### [Work required]
Could you filter the records below and keep only the lines with the word "Wheel"?

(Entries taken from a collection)
-- Opening Marker --
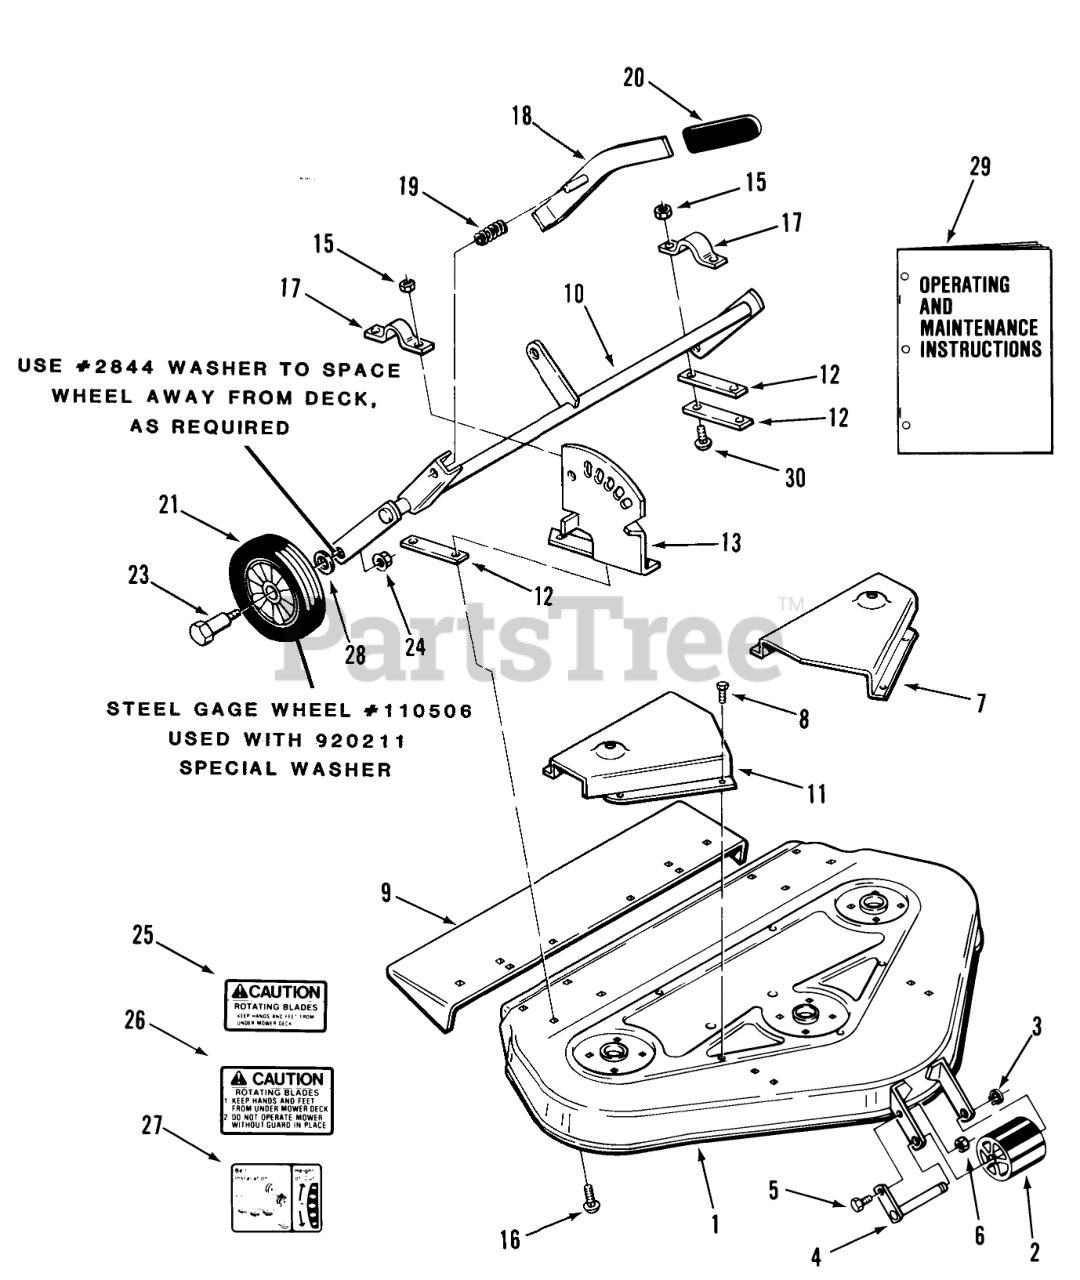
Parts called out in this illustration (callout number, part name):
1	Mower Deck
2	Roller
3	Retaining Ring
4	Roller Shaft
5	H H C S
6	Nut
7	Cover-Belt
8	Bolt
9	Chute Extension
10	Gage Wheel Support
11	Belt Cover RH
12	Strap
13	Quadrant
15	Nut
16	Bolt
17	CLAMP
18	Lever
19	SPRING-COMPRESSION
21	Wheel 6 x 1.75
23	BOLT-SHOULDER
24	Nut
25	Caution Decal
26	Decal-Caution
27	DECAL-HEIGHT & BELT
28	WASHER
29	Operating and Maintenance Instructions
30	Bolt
-- Closing Marker --
### [Exercise response]
10	Gage Wheel Support
21	Wheel 6 x 1.75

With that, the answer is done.